Work to be completed: Copy each entry precisely as written, and do not carry over the pictures.

- Opening Delimiter -

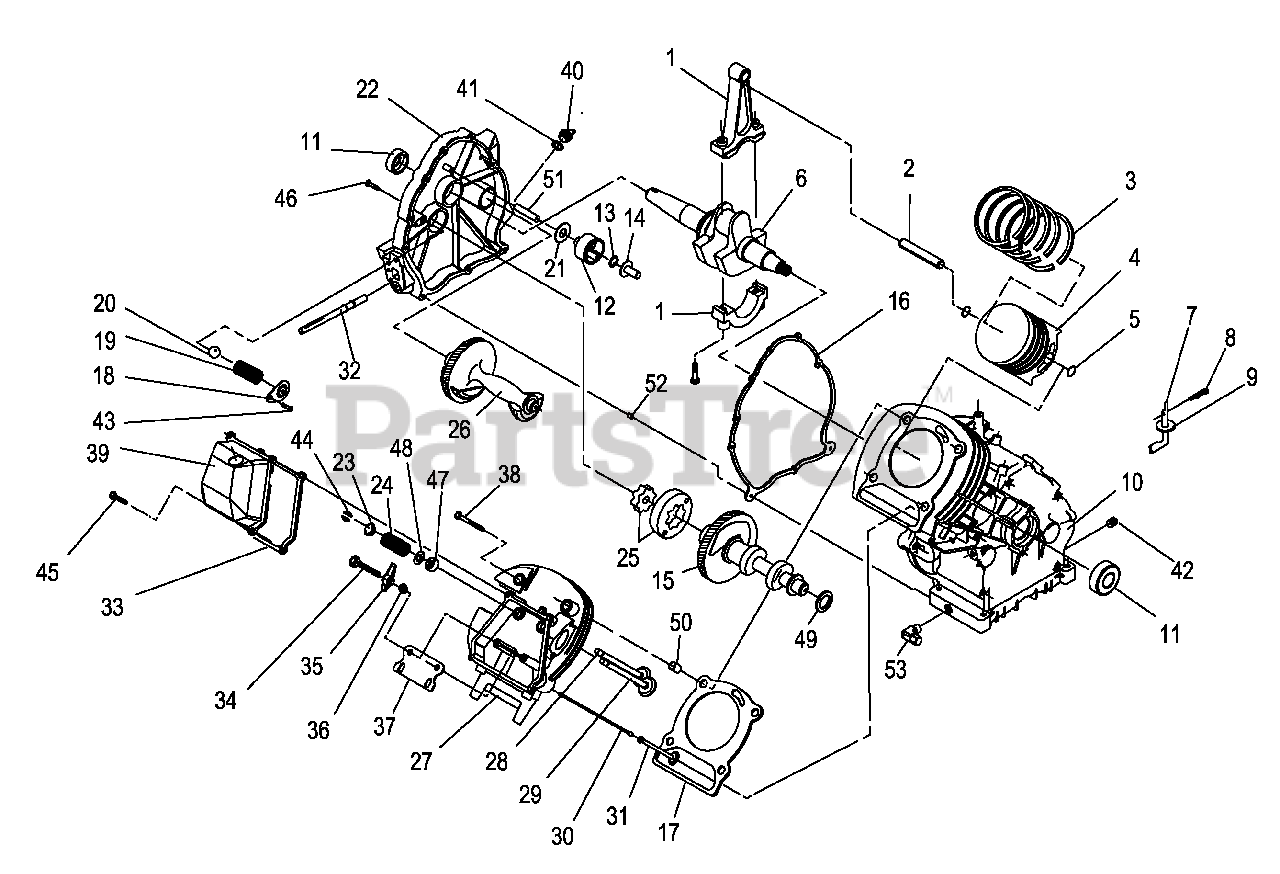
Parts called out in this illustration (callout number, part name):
1	ASSEMBLY, CONNECTING ROD
2	PIN, PISTON D20
3	RING SET, PISTON DIA90
4	PISTON, FLAT TOP DIA90 COATED
5	RETAINER, PISTON PIN 20
6	ASSEMBLY, CRANKSHAFT GH410 SMALL TAPER
7	ARM, GOVERNOR RC45
8	PIN, "R" GOVERNOR ARM
9	WASHER, GOVERNOR ARM THRUST
10	CRANKCASE, SUBASSEMBLY WITH PLUGS GH410
11	SEAL, 35 I.D. CRANKSHAFT
12	ASSEMBLY, GOVERNOR GEAR
13	C-RING, GOVERNOR GEAR RETAINER
14	SPOOL, GOVERNOR- MACHINE
15	ASSEMBLY, CAMSHAFT & GEAR
16	GASKET , CRANKCASE
17	GASKET, HEAD 410
18	COVER, OIL PRESSURE RELIEF
19	SPRING, OIL RELIEF 360
20	BALL, DIA 11/32 PRESSURE RELIEF
21	WASHER, THRUST GOVERNOR GEAR
22	ASSEMBLY, COVER, GEAR TOP CHECK / FILL
23	RETAINER, VALVE SPRING
24	VALVE SPRING LF
25	SET,GEROTOR 12 THK
26	BALANCER
27	ASSEMBLY,CYLINDER HEAD SEATS & GUIDES
28	VALVE, EXHAUST
29	VALVE, INTAKE
30	PUSH ROD 174.9
31	TAPPET
32	ASSEMBLY, SCREEN OIL PICK-UP
33	GASKET, ROCKER COVER 410
34	STUD, D20 PIVOT BALL
35	ROCKER ARM
36	NUT, JAM (ROCKER ARM)
37	PLATE, PUSH ROD GUIDE
38	SCREW, HHFL M10-1.5 X 105
39	ASSEMBLY, ROCKER COVER GENERAC TEXT
40	PLUG, OIL FILL PLASTIC
41	O-RING 17.8 I.D. x 2.4
42	PLUG, STANDARD PIPE 3/8 STEEL SQUARE HEAD
43	SCREW, TAPTITE M5-0.8 X 10 BP
44	KEEPER, VALVE SPRING
45	SCREW & LOCKWASHER M6-1 X 12
46	SCREW, HHFC M8-1.25 X 42
47	SEAL, VALVE STEM D7
48	WASHER, VALVE SPRING
49	WASHER, LARGE SPRING
50	SLEEVE, DOWEL PIN 14 DIA.
51	SHAFT, GOVERNOR RC55
52	SLEEVE, DOWEL PIN 12 DIA.
53	OIL DRAIN FITTING
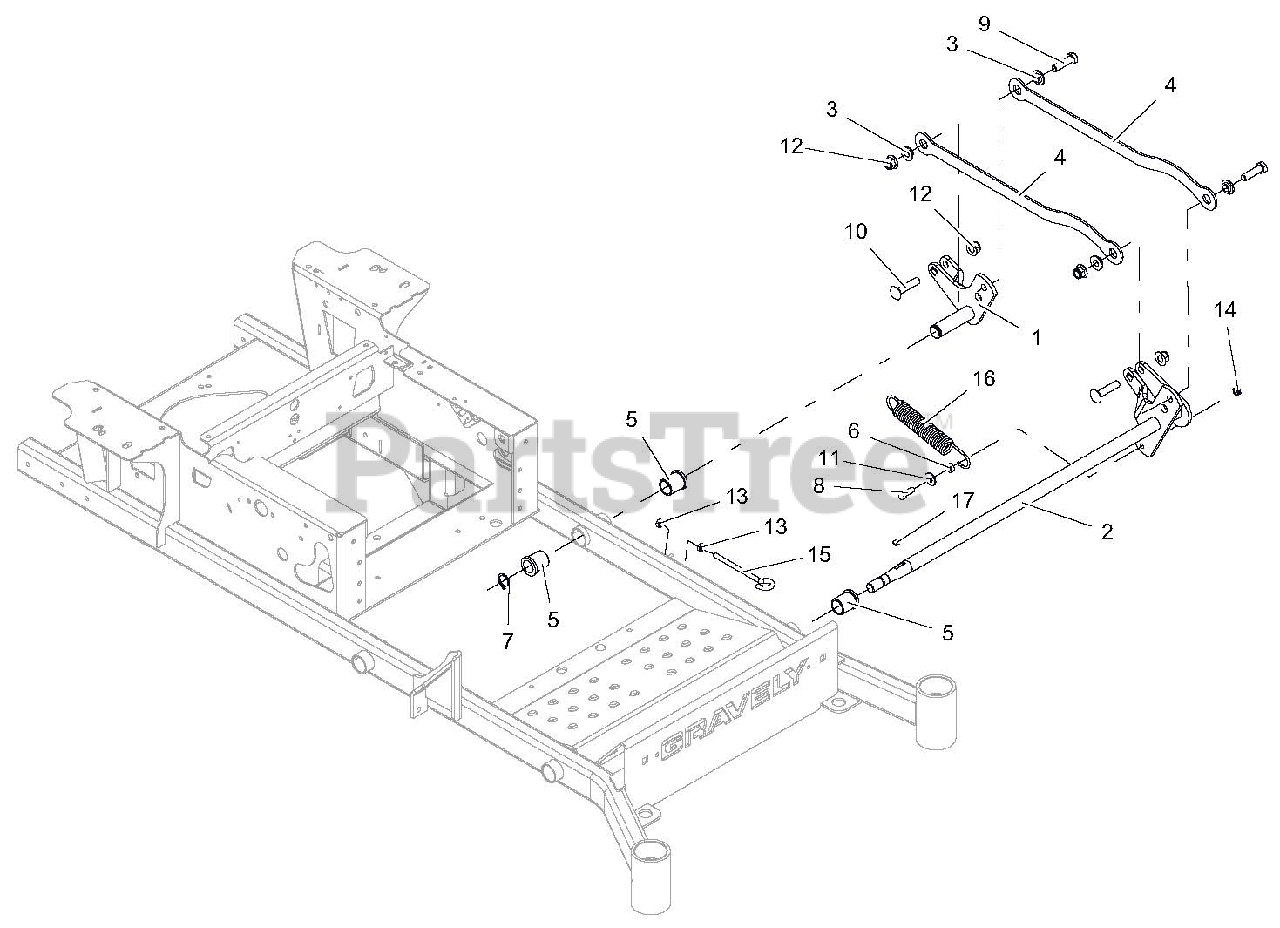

- Closing Delimiter -

Exercise answer:
Parts called out in this illustration (callout number, part name):
1	ASSEMBLY, CONNECTING ROD
2	PIN, PISTON D20
3	RING SET, PISTON DIA90
4	PISTON, FLAT TOP DIA90 COATED
5	RETAINER, PISTON PIN 20
6	ASSEMBLY, CRANKSHAFT GH410 SMALL TAPER
7	ARM, GOVERNOR RC45
8	PIN, "R" GOVERNOR ARM
9	WASHER, GOVERNOR ARM THRUST
10	CRANKCASE, SUBASSEMBLY WITH PLUGS GH410
11	SEAL, 35 I.D. CRANKSHAFT
12	ASSEMBLY, GOVERNOR GEAR
13	C-RING, GOVERNOR GEAR RETAINER
14	SPOOL, GOVERNOR- MACHINE
15	ASSEMBLY, CAMSHAFT & GEAR
16	GASKET , CRANKCASE
17	GASKET, HEAD 410
18	COVER, OIL PRESSURE RELIEF
19	SPRING, OIL RELIEF 360
20	BALL, DIA 11/32 PRESSURE RELIEF
21	WASHER, THRUST GOVERNOR GEAR
22	ASSEMBLY, COVER, GEAR TOP CHECK / FILL
23	RETAINER, VALVE SPRING
24	VALVE SPRING LF
25	SET,GEROTOR 12 THK
26	BALANCER
27	ASSEMBLY,CYLINDER HEAD SEATS & GUIDES
28	VALVE, EXHAUST
29	VALVE, INTAKE
30	PUSH ROD 174.9
31	TAPPET
32	ASSEMBLY, SCREEN OIL PICK-UP
33	GASKET, ROCKER COVER 410
34	STUD, D20 PIVOT BALL
35	ROCKER ARM
36	NUT, JAM (ROCKER ARM)
37	PLATE, PUSH ROD GUIDE
38	SCREW, HHFL M10-1.5 X 105
39	ASSEMBLY, ROCKER COVER GENERAC TEXT
40	PLUG, OIL FILL PLASTIC
41	O-RING 17.8 I.D. x 2.4
42	PLUG, STANDARD PIPE 3/8 STEEL SQUARE HEAD
43	SCREW, TAPTITE M5-0.8 X 10 BP
44	KEEPER, VALVE SPRING
45	SCREW & LOCKWASHER M6-1 X 12
46	SCREW, HHFC M8-1.25 X 42
47	SEAL, VALVE STEM D7
48	WASHER, VALVE SPRING
49	WASHER, LARGE SPRING
50	SLEEVE, DOWEL PIN 14 DIA.
51	SHAFT, GOVERNOR RC55
52	SLEEVE, DOWEL PIN 12 DIA.
53	OIL DRAIN FITTING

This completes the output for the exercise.